• _Exercise materials_:
↓↓↓

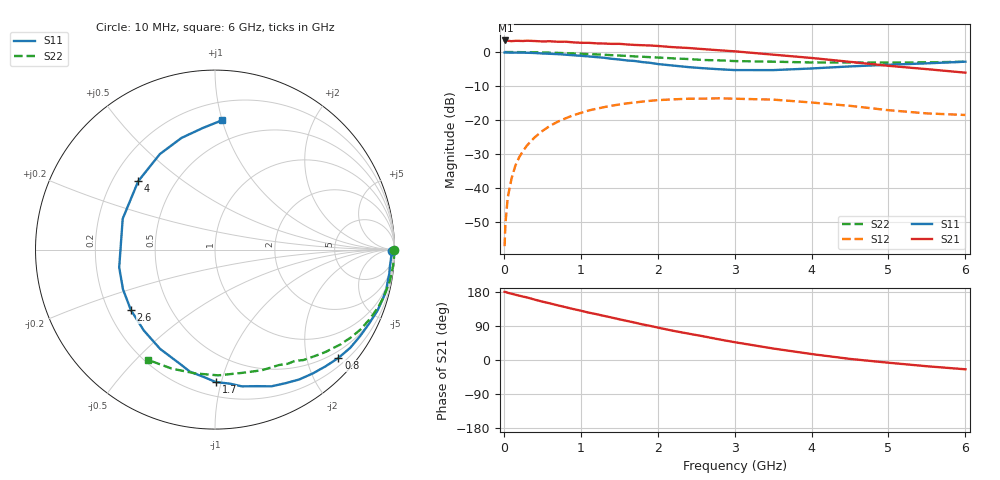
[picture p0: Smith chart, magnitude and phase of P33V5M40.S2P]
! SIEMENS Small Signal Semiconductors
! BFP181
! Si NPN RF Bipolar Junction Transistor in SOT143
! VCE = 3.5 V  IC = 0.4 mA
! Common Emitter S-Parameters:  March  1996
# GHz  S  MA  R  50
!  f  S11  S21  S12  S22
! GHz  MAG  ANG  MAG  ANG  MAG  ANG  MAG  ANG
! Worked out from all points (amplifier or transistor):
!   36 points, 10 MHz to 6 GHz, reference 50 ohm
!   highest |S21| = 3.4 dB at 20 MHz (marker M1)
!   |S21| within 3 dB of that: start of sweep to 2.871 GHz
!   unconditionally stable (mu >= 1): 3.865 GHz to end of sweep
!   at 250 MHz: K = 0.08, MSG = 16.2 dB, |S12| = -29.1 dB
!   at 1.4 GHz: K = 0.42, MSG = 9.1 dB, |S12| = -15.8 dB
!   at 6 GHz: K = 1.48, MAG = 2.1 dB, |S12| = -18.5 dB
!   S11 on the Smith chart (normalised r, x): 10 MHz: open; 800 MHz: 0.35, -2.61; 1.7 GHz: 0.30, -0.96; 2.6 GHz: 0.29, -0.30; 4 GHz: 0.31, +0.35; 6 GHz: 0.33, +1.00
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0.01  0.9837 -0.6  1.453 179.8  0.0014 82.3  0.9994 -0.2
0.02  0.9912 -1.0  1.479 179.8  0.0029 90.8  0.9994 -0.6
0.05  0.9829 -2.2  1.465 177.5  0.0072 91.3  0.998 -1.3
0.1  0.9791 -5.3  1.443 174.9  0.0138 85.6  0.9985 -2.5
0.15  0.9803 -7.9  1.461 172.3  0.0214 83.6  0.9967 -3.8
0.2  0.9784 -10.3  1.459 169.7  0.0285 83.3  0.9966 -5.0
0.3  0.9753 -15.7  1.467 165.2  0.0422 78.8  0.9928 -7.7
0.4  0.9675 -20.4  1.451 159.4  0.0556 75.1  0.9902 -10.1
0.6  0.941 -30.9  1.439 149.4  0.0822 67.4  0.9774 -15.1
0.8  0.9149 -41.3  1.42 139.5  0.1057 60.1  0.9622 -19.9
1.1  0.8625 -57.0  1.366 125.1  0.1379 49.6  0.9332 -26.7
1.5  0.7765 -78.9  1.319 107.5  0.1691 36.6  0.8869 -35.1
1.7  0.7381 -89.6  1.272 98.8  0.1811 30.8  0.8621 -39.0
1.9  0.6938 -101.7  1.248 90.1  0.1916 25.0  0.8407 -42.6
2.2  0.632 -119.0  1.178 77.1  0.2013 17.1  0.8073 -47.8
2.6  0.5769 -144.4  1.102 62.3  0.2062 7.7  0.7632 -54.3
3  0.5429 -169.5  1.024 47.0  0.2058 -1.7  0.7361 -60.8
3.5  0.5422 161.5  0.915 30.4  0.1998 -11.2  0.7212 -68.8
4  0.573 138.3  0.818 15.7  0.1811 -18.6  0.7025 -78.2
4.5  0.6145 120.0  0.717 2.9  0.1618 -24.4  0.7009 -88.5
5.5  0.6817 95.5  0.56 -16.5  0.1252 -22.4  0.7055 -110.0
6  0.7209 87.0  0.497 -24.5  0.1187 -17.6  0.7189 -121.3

↑↑↑

Skip the images and write out the rest of the listing exactly.

[picture p0: Smith chart, magnitude and phase of P33V5M40.S2P]
! SIEMENS Small Signal Semiconductors
! BFP181
! Si NPN RF Bipolar Junction Transistor in SOT143
! VCE = 3.5 V  IC = 0.4 mA
! Common Emitter S-Parameters:  March  1996
# GHz  S  MA  R  50
!  f  S11  S21  S12  S22
! GHz  MAG  ANG  MAG  ANG  MAG  ANG  MAG  ANG
! Worked out from all points (amplifier or transistor):
!   36 points, 10 MHz to 6 GHz, reference 50 ohm
!   highest |S21| = 3.4 dB at 20 MHz (marker M1)
!   |S21| within 3 dB of that: start of sweep to 2.871 GHz
!   unconditionally stable (mu >= 1): 3.865 GHz to end of sweep
!   at 250 MHz: K = 0.08, MSG = 16.2 dB, |S12| = -29.1 dB
!   at 1.4 GHz: K = 0.42, MSG = 9.1 dB, |S12| = -15.8 dB
!   at 6 GHz: K = 1.48, MAG = 2.1 dB, |S12| = -18.5 dB
!   S11 on the Smith chart (normalised r, x): 10 MHz: open; 800 MHz: 0.35, -2.61; 1.7 GHz: 0.30, -0.96; 2.6 GHz: 0.29, -0.30; 4 GHz: 0.31, +0.35; 6 GHz: 0.33, +1.00
0.01  0.9837 -0.6  1.453 179.8  0.0014 82.3  0.9994 -0.2
0.02  0.9912 -1.0  1.479 179.8  0.0029 90.8  0.9994 -0.6
0.05  0.9829 -2.2  1.465 177.5  0.0072 91.3  0.998 -1.3
0.1  0.9791 -5.3  1.443 174.9  0.0138 85.6  0.9985 -2.5
0.15  0.9803 -7.9  1.461 172.3  0.0214 83.6  0.9967 -3.8
0.2  0.9784 -10.3  1.459 169.7  0.0285 83.3  0.9966 -5.0
0.3  0.9753 -15.7  1.467 165.2  0.0422 78.8  0.9928 -7.7
0.4  0.9675 -20.4  1.451 159.4  0.0556 75.1  0.9902 -10.1
0.6  0.941 -30.9  1.439 149.4  0.0822 67.4  0.9774 -15.1
0.8  0.9149 -41.3  1.42 139.5  0.1057 60.1  0.9622 -19.9
1.1  0.8625 -57.0  1.366 125.1  0.1379 49.6  0.9332 -26.7
1.5  0.7765 -78.9  1.319 107.5  0.1691 36.6  0.8869 -35.1
1.7  0.7381 -89.6  1.272 98.8  0.1811 30.8  0.8621 -39.0
1.9  0.6938 -101.7  1.248 90.1  0.1916 25.0  0.8407 -42.6
2.2  0.632 -119.0  1.178 77.1  0.2013 17.1  0.8073 -47.8
2.6  0.5769 -144.4  1.102 62.3  0.2062 7.7  0.7632 -54.3
3  0.5429 -169.5  1.024 47.0  0.2058 -1.7  0.7361 -60.8
3.5  0.5422 161.5  0.915 30.4  0.1998 -11.2  0.7212 -68.8
4  0.573 138.3  0.818 15.7  0.1811 -18.6  0.7025 -78.2
4.5  0.6145 120.0  0.717 2.9  0.1618 -24.4  0.7009 -88.5
5.5  0.6817 95.5  0.56 -16.5  0.1252 -22.4  0.7055 -110.0
6  0.7209 87.0  0.497 -24.5  0.1187 -17.6  0.7189 -121.3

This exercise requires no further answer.